# 2012 cannondale line weight



## leo_NM (Dec 28, 2009)

hey guys

Has anybody the list of weights of the road bikes ?? I would like to know the weight of the caad 10 3 vs caad 10 1.

thanks


----------



## ph0enix (Aug 12, 2009)

leo_NM said:


> hey guys
> 
> Has anybody the list of weights of the road bikes ?? I would like to know the weight of the caad 10 3 vs caad 10 1.
> 
> thanks


What size?


----------



## Accordion (Mar 27, 2010)

Probably 0.5 pound.


----------



## ph0enix (Aug 12, 2009)

Accordion said:


> Probably 0.5 pound.


The difference in the wheels alone is probably more than that.


----------



## Accordion (Mar 27, 2010)

Half a pound is 226 grams. My wheels are 1650g and the lighter ones I was looking at were 1490g. Then the rest of the components would make a difference too. Maybe 0.5 - 0.8 of a pound.


----------



## ph0enix (Aug 12, 2009)

Accordion said:


> Half a pound is 226 grams.
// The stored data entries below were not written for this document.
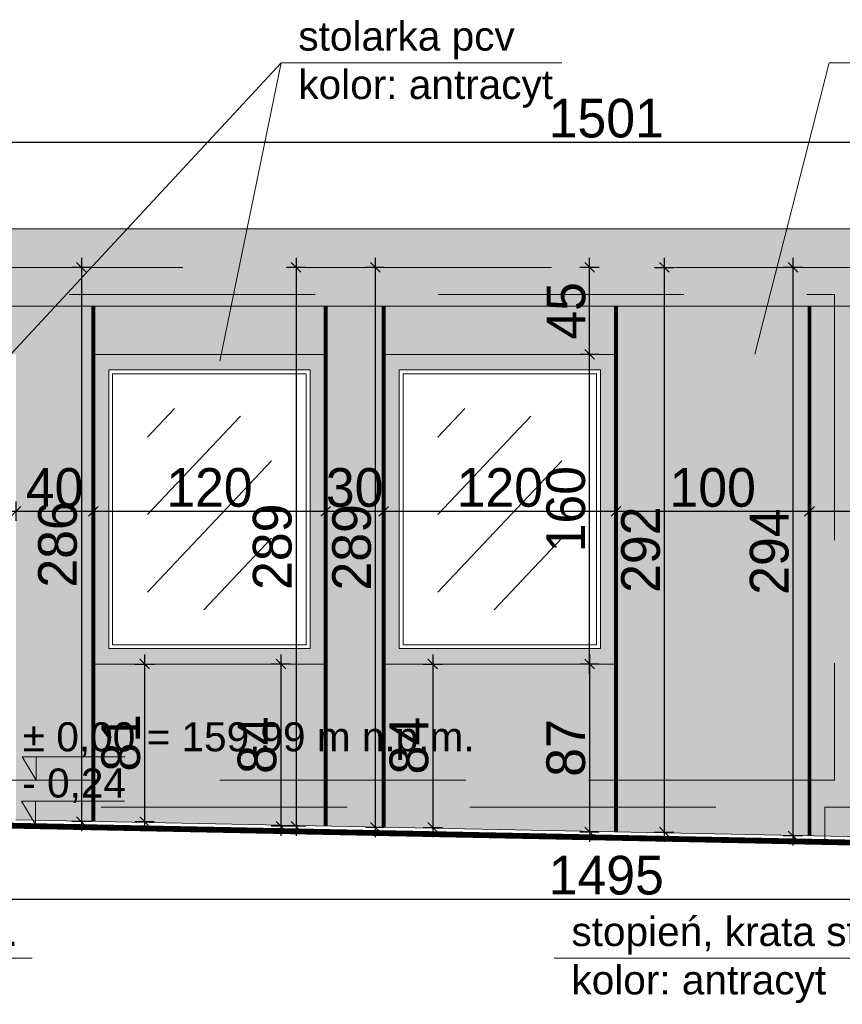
# Model space of a CAD drawing. Header units: millimetres. Extents: x 1962 to 3194, y -795 to -219.
# Tile 240 of 256: x 2770.57 to 2774.82, y -476.95 to -471.86. Entities that reach past the tile are written whole.
import ezdxf

# ---------------------------------------------------------------- set-up
doc = ezdxf.new("R2010")
doc.units = ezdxf.units.MM
doc.linetypes.add('HIDDEN', pattern=[9.525, 6.35, -3.175])
doc.layers.get('0').update_dxf_attribs({"lineweight": 5})
doc.layers.get('Defpoints').update_dxf_attribs({"lineweight": 9})
for name, color, linetype, lineweight in [('A_elewacje kolorystyka', 252, 'Continuous', 9), ('A_elewacje opisy', 63, 'Continuous', 9), ('A_hidden', 137, 'HIDDEN', 9), ('A_koty wysokośc.', 53, 'Continuous', 9), ('A_obiekty trybuny', 126, 'Continuous', 9), ('A_przekrojowe', 42, 'Continuous', 9), ('A_widok', 142, 'Continuous', 9), ('A_wymiary kasetony elewacyjne', 64, 'Continuous', 9)]:
    doc.layers.add(name, color=color, linetype=linetype, lineweight=lineweight)
doc.styles.get("Standard").update_dxf_attribs({"font": 'arial.ttf'})
doc.styles.add('wymiary pzt', font='txt')
doc.dimstyles.new('wymiary detale', dxfattribs={"dimtxt": 0.2, "dimasz": 0.05, "dimexe": 0.05, "dimexo": 0, "dimgap": 0.02, "dimtad": 1, "dimdec": 0, "dimlfac": 100, "dimzin": 0, "dimtxsty": 'wymiary pzt', "dimblk": 'OBLIQUE', "dimcen": 0.1, "dimdle": 0.05, "dimadec": 1, "dimazin": 0, "dimtfac": 1, "dimtmove": 0, "dimatfit": 3, "dimfxl": 0, "dimarcsym": 0})

# ---------------------------------------------------------------- blocks, each defined once
blk = doc.blocks.new('zw$CA91')
at = {"layer": 'A_koty wysokośc.'}
h = blk.add_hatch(color=256, dxfattribs=at)
h.dxf.hatch_style = 1
h.paths.add_polyline_path([(-0.448, 0.753), (0, 0), (0, 0.753)])
blk.add_lwpolyline([(2.874, 0.753), (-0.448, 0.753), (0, 0), (0, 0.753)], dxfattribs=at)
blk = doc.blocks.new('_Oblique')
at = {"color": 0, "linetype": 'ByBlock', "lineweight": -2}
blk.add_line((-0.5, -0.5), (0.5, 0.5), dxfattribs=at)
blk = doc.blocks.new('*D263')
at = {"layer": 'A_wymiary kasetony elewacyjne', "color": 0, "lineweight": -2}
for p, q in [((2769.5292, -474.3488), (2769.5292, -474.4488)), ((2770.5492, -474.3488), (2770.5492, -474.4488)), ((2769.4792, -474.3988), (2770.5992, -474.3988))]:
    blk.add_line(p, q, dxfattribs=at)
at = {"layer": 'Defpoints', "color": 0}
for p in [(2769.5292, -473.338), (2770.5492, -473.338), (2770.5492, -474.3988)]:
    blk.add_point(p, dxfattribs=at)
at = {"layer": 'A_wymiary kasetony elewacyjne', "color": 0, "lineweight": -2, "xscale": 0.05, "yscale": 0.05, "zscale": 0.05, "rotation": 180}
blk.add_blockref('_Oblique', (2769.5292, -474.3988), dxfattribs=at)
at = {"layer": 'A_wymiary kasetony elewacyjne', "color": 0, "lineweight": -2, "xscale": 0.05, "yscale": 0.05, "zscale": 0.05}
blk.add_blockref('_Oblique', (2770.5492, -474.3988), dxfattribs=at)
at = {"layer": 'A_wymiary kasetony elewacyjne', "color": 0, "insert": (2770.0392, -474.2768), "char_height": 0.2, "attachment_point": 5, "style": 'wymiary pzt'}
blk.add_mtext('102', dxfattribs=at)
blk = doc.blocks.new('*D264')
at = {"layer": 'A_wymiary kasetony elewacyjne', "color": 0, "lineweight": -2}
for p, q in [((2770.5492, -474.3488), (2770.5492, -474.4488)), ((2770.9492, -474.3488), (2770.9492, -474.4488)), ((2770.4992, -474.3988), (2770.9992, -474.3988))]:
    blk.add_line(p, q, dxfattribs=at)
at = {"layer": 'Defpoints', "color": 0}
for p in [(2770.5492, -473.338), (2770.9492, -473.338), (2770.9492, -474.3988)]:
    blk.add_point(p, dxfattribs=at)
at = {"layer": 'A_wymiary kasetony elewacyjne', "color": 0, "lineweight": -2, "xscale": 0.05, "yscale": 0.05, "zscale": 0.05, "rotation": 180}
blk.add_blockref('_Oblique', (2770.5492, -474.3988), dxfattribs=at)
at = {"layer": 'A_wymiary kasetony elewacyjne', "color": 0, "lineweight": -2, "xscale": 0.05, "yscale": 0.05, "zscale": 0.05}
blk.add_blockref('_Oblique', (2770.9492, -474.3988), dxfattribs=at)
at = {"layer": 'A_wymiary kasetony elewacyjne', "color": 0, "insert": (2770.7492, -474.2768), "char_height": 0.2, "attachment_point": 5, "style": 'wymiary pzt'}
blk.add_mtext('40', dxfattribs=at)
blk = doc.blocks.new('*D265')
at = {"layer": 'A_wymiary kasetony elewacyjne', "color": 0, "lineweight": -2}
for p, q in [((2770.9492, -474.3488), (2770.9492, -474.4488)), ((2772.1492, -474.3488), (2772.1492, -474.4488)), ((2770.8992, -474.3988), (2772.1992, -474.3988))]:
    blk.add_line(p, q, dxfattribs=at)
at = {"layer": 'Defpoints', "color": 0}
for p in [(2770.9492, -473.338), (2772.1492, -473.338), (2772.1492, -474.3988)]:
    blk.add_point(p, dxfattribs=at)
at = {"layer": 'A_wymiary kasetony elewacyjne', "color": 0, "lineweight": -2, "xscale": 0.05, "yscale": 0.05, "zscale": 0.05, "rotation": 180}
blk.add_blockref('_Oblique', (2770.9492, -474.3988), dxfattribs=at)
at = {"layer": 'A_wymiary kasetony elewacyjne', "color": 0, "lineweight": -2, "xscale": 0.05, "yscale": 0.05, "zscale": 0.05}
blk.add_blockref('_Oblique', (2772.1492, -474.3988), dxfattribs=at)
at = {"layer": 'A_wymiary kasetony elewacyjne', "color": 0, "insert": (2771.5492, -474.2768), "char_height": 0.2, "attachment_point": 5, "style": 'wymiary pzt'}
blk.add_mtext('120', dxfattribs=at)
blk = doc.blocks.new('*D266')
at = {"layer": 'A_wymiary kasetony elewacyjne', "color": 0, "lineweight": -2}
for p, q in [((2772.1492, -474.3488), (2772.1492, -474.4488)), ((2772.4492, -474.3488), (2772.4492, -474.4488)), ((2772.0992, -474.3988), (2772.4992, -474.3988))]:
    blk.add_line(p, q, dxfattribs=at)
at = {"layer": 'Defpoints', "color": 0}
for p in [(2772.1492, -473.338), (2772.4492, -473.338), (2772.4492, -474.3988)]:
    blk.add_point(p, dxfattribs=at)
at = {"layer": 'A_wymiary kasetony elewacyjne', "color": 0, "lineweight": -2, "xscale": 0.05, "yscale": 0.05, "zscale": 0.05, "rotation": 180}
blk.add_blockref('_Oblique', (2772.1492, -474.3988), dxfattribs=at)
at = {"layer": 'A_wymiary kasetony elewacyjne', "color": 0, "lineweight": -2, "xscale": 0.05, "yscale": 0.05, "zscale": 0.05}
blk.add_blockref('_Oblique', (2772.4492, -474.3988), dxfattribs=at)
at = {"layer": 'A_wymiary kasetony elewacyjne', "color": 0, "insert": (2772.2992, -474.2768), "char_height": 0.2, "attachment_point": 5, "style": 'wymiary pzt'}
blk.add_mtext('30', dxfattribs=at)
blk = doc.blocks.new('*D267')
at = {"layer": 'A_wymiary kasetony elewacyjne', "color": 0, "lineweight": -2}
for p, q in [((2772.4492, -474.3488), (2772.4492, -474.4488)), ((2773.6492, -474.3488), (2773.6492, -474.4488)), ((2772.3992, -474.3988), (2773.6992, -474.3988))]:
    blk.add_line(p, q, dxfattribs=at)
at = {"layer": 'Defpoints', "color": 0}
for p in [(2772.4492, -473.338), (2773.6492, -473.338), (2773.6492, -474.3988)]:
    blk.add_point(p, dxfattribs=at)
at = {"layer": 'A_wymiary kasetony elewacyjne', "color": 0, "lineweight": -2, "xscale": 0.05, "yscale": 0.05, "zscale": 0.05, "rotation": 180}
blk.add_blockref('_Oblique', (2772.4492, -474.3988), dxfattribs=at)
at = {"layer": 'A_wymiary kasetony elewacyjne', "color": 0, "lineweight": -2, "xscale": 0.05, "yscale": 0.05, "zscale": 0.05}
blk.add_blockref('_Oblique', (2773.6492, -474.3988), dxfattribs=at)
at = {"layer": 'A_wymiary kasetony elewacyjne', "color": 0, "insert": (2773.0492, -474.2768), "char_height": 0.2, "attachment_point": 5, "style": 'wymiary pzt'}
blk.add_mtext('120', dxfattribs=at)
blk = doc.blocks.new('*D268')
at = {"layer": 'A_wymiary kasetony elewacyjne', "color": 0, "lineweight": -2}
for p, q in [((2773.6492, -474.3488), (2773.6492, -474.4488)), ((2774.6492, -474.3488), (2774.6492, -474.4488)), ((2773.5992, -474.3988), (2774.6992, -474.3988))]:
    blk.add_line(p, q, dxfattribs=at)
at = {"layer": 'Defpoints', "color": 0}
for p in [(2773.6492, -473.338), (2774.6492, -473.338), (2774.6492, -474.3988)]:
    blk.add_point(p, dxfattribs=at)
at = {"layer": 'A_wymiary kasetony elewacyjne', "color": 0, "lineweight": -2, "xscale": 0.05, "yscale": 0.05, "zscale": 0.05, "rotation": 180}
blk.add_blockref('_Oblique', (2773.6492, -474.3988), dxfattribs=at)
at = {"layer": 'A_wymiary kasetony elewacyjne', "color": 0, "lineweight": -2, "xscale": 0.05, "yscale": 0.05, "zscale": 0.05}
blk.add_blockref('_Oblique', (2774.6492, -474.3988), dxfattribs=at)
at = {"layer": 'A_wymiary kasetony elewacyjne', "color": 0, "insert": (2774.1492, -474.2768), "char_height": 0.2, "attachment_point": 5, "style": 'wymiary pzt'}
blk.add_mtext('100', dxfattribs=at)
blk = doc.blocks.new('*D269')
at = {"layer": 'A_wymiary kasetony elewacyjne', "color": 0, "lineweight": -2}
for p, q in [((2774.6492, -474.3488), (2774.6492, -474.4488)), ((2775.5872, -474.3488), (2775.5872, -474.4488)), ((2774.5992, -474.3988), (2775.6372, -474.3988))]:
    blk.add_line(p, q, dxfattribs=at)
at = {"layer": 'Defpoints', "color": 0}
for p in [(2774.6492, -473.338), (2775.5872, -473.338), (2775.5872, -474.3988)]:
    blk.add_point(p, dxfattribs=at)
at = {"layer": 'A_wymiary kasetony elewacyjne', "color": 0, "lineweight": -2, "xscale": 0.05, "yscale": 0.05, "zscale": 0.05, "rotation": 180}
blk.add_blockref('_Oblique', (2774.6492, -474.3988), dxfattribs=at)
at = {"layer": 'A_wymiary kasetony elewacyjne', "color": 0, "lineweight": -2, "xscale": 0.05, "yscale": 0.05, "zscale": 0.05}
blk.add_blockref('_Oblique', (2775.5872, -474.3988), dxfattribs=at)
at = {"layer": 'A_wymiary kasetony elewacyjne', "color": 0, "insert": (2775.1182, -474.2777), "char_height": 0.2, "attachment_point": 5, "style": 'wymiary pzt'}
blk.add_mtext('94', dxfattribs=at)
blk = doc.blocks.new('*D445')
at = {"layer": 'A_wymiary kasetony elewacyjne', "color": 0, "lineweight": -2}
for p, q in [((2770.8876, -473.088), (2770.8876, -476.0521)), ((2770.9376, -473.138), (2770.8376, -473.138)), ((2770.9376, -476.0021), (2770.8376, -476.0021))]:
    blk.add_line(p, q, dxfattribs=at)
at = {"layer": 'Defpoints', "color": 0}
for p in [(2770.9492, -473.138), (2770.8876, -476.0021), (2770.9492, -476.0021)]:
    blk.add_point(p, dxfattribs=at)
at = {"layer": 'A_wymiary kasetony elewacyjne', "color": 0, "lineweight": -2, "xscale": 0.05, "yscale": 0.05, "zscale": 0.05}
for p, rotation in [((2770.8876, -473.138), 90), ((2770.8876, -476.0021), 270)]:
    blk.add_blockref('_Oblique', p, dxfattribs=dict(at, rotation=rotation))
at = {"layer": 'A_wymiary kasetony elewacyjne', "color": 0, "insert": (2770.7655, -474.57), "char_height": 0.2, "attachment_point": 5, "rotation": 90, "style": 'wymiary pzt'}
blk.add_mtext('286', dxfattribs=at)
blk = doc.blocks.new('*D446')
at = {"layer": 'A_wymiary kasetony elewacyjne', "color": 0, "lineweight": -2}
for p, q in [((2771.9968, -473.088), (2771.9968, -476.0761)), ((2772.0468, -473.138), (2771.9468, -473.138)), ((2772.0468, -476.0261), (2771.9468, -476.0261))]:
    blk.add_line(p, q, dxfattribs=at)
at = {"layer": 'Defpoints', "color": 0}
for p in [(2772.1492, -473.138), (2771.9968, -476.0261), (2772.1492, -476.0261)]:
    blk.add_point(p, dxfattribs=at)
at = {"layer": 'A_wymiary kasetony elewacyjne', "color": 0, "lineweight": -2, "xscale": 0.05, "yscale": 0.05, "zscale": 0.05}
for p, rotation in [((2771.9968, -473.138), 90), ((2771.9968, -476.0261), 270)]:
    blk.add_blockref('_Oblique', p, dxfattribs=dict(at, rotation=rotation))
at = {"layer": 'A_wymiary kasetony elewacyjne', "color": 0, "insert": (2771.8748, -474.5821), "char_height": 0.2, "attachment_point": 5, "rotation": 90, "style": 'wymiary pzt'}
blk.add_mtext('289', dxfattribs=at)
blk = doc.blocks.new('*D447')
at = {"layer": 'A_wymiary kasetony elewacyjne', "color": 0, "lineweight": -2}
for p, q in [((2771.2141, -475.138), (2771.2141, -476.0521)), ((2771.1641, -475.188), (2771.2641, -475.188)), ((2771.1641, -476.0021), (2771.2641, -476.0021))]:
    blk.add_line(p, q, dxfattribs=at)
at = {"layer": 'Defpoints', "color": 0}
for p in [(2770.9492, -475.188), (2770.9492, -476.0021), (2771.2141, -476.0021)]:
    blk.add_point(p, dxfattribs=at)
at = {"layer": 'A_wymiary kasetony elewacyjne', "color": 0, "lineweight": -2, "xscale": 0.05, "yscale": 0.05, "zscale": 0.05}
for p, rotation in [((2771.2141, -475.188), 90.00000000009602), ((2771.2141, -476.0021), 270.000000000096)]:
    blk.add_blockref('_Oblique', p, dxfattribs=dict(at, rotation=rotation))
at = {"layer": 'A_wymiary kasetony elewacyjne', "color": 0, "insert": (2771.092, -475.595), "char_height": 0.2, "attachment_point": 5, "rotation": 90, "style": 'wymiary pzt'}
blk.add_mtext('81', dxfattribs=at)
blk = doc.blocks.new('*D448')
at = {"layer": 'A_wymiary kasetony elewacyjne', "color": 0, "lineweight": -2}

My wheels are 1650g and the lighter ones I was looking at were 1490g. Then the rest of the components would make a difference too. Maybe 0.5 - 0.8 of a pound.


I'm not sure what wheels you have or what the lighter ones you were looking at were but the published weight of the Mavic Aksiums (CAAD10 3) is 1,735g and as far as I can see the RS80's (on the CAAD10 1) weigh 1516g. That's a 219g (~.5lb). The difference between the Dura Ace 7900 and Ultegra 6700 groupsets is around 300g according to a road.cc review. I realize that neither model uses full groups but I would guess that the overall difference is over a pound - not to split hairs or anything...  The weights should not mean that much to the OP anyway especially since they're not asking the right question.


----------



## wedge962005 (Jan 4, 2010)

There is a huge difference if you get the black anodized version.

CAAD10 -4 17.6 lbs
CAAD10 -1 15.8 lbs

Don't ask how I know. Obsessive shopper here.


----------



## leo_NM (Dec 28, 2009)

thanks for the replies

The caad10 1 worth the extra price or upgrading the wheels of the caad 10 3 to mavic Ksyrium elites would be a better deal ?

thanks


----------



## ph0enix (Aug 12, 2009)

leo_NM said:


> thanks for the replies
> 
> The caad10 1 worth the extra price or upgrading the wheels of the caad 10 3 to mavic Ksyrium elites would be a better deal ?
> 
> thanks


Dura Ace will shift smoother but it won't make a difference in the way the bike rides. Better wheels, on the other hand, definitely will so you need to decide what qualities matter to you most.


----------



## CapeHorn (Nov 19, 2011)

For reference
my 2012 10-5 as stock+ 2x carbon cages and speedplay Cro-mo LA's is 8.7kg


----------



## terbennett (Apr 1, 2006)

ph0enix said:


> Dura Ace will shift smoother but it won't make a difference in the way the bike rides. Better wheels, on the other hand, definitely will so you need to decide what qualities matter to you most.


+1... I'm going with the 1 because the RS80s are great wheels out of the bikes. The ride is exceptional with the RS80/Schwalbe setup. Seriously, I had to look down to make sure this wasn't a System Six. If I go with the 3, I would have to upgrade the wheels. Sure I could probably get better wheels, but Dura Ace will command a higher resale value if I ever decide to sell it. The frame is awesome no matter what but I don't want to be selling my bike years from now banking on a set of wheels to increase the value. If I was looking at a used bike, I would personally take a 6 year old Dura Ace bike with Ultegra wheels over an Ultegra bike with used carbon wheels on them for the same price. With 6 year carbon wheels, I'd be preparing to replace them.


----------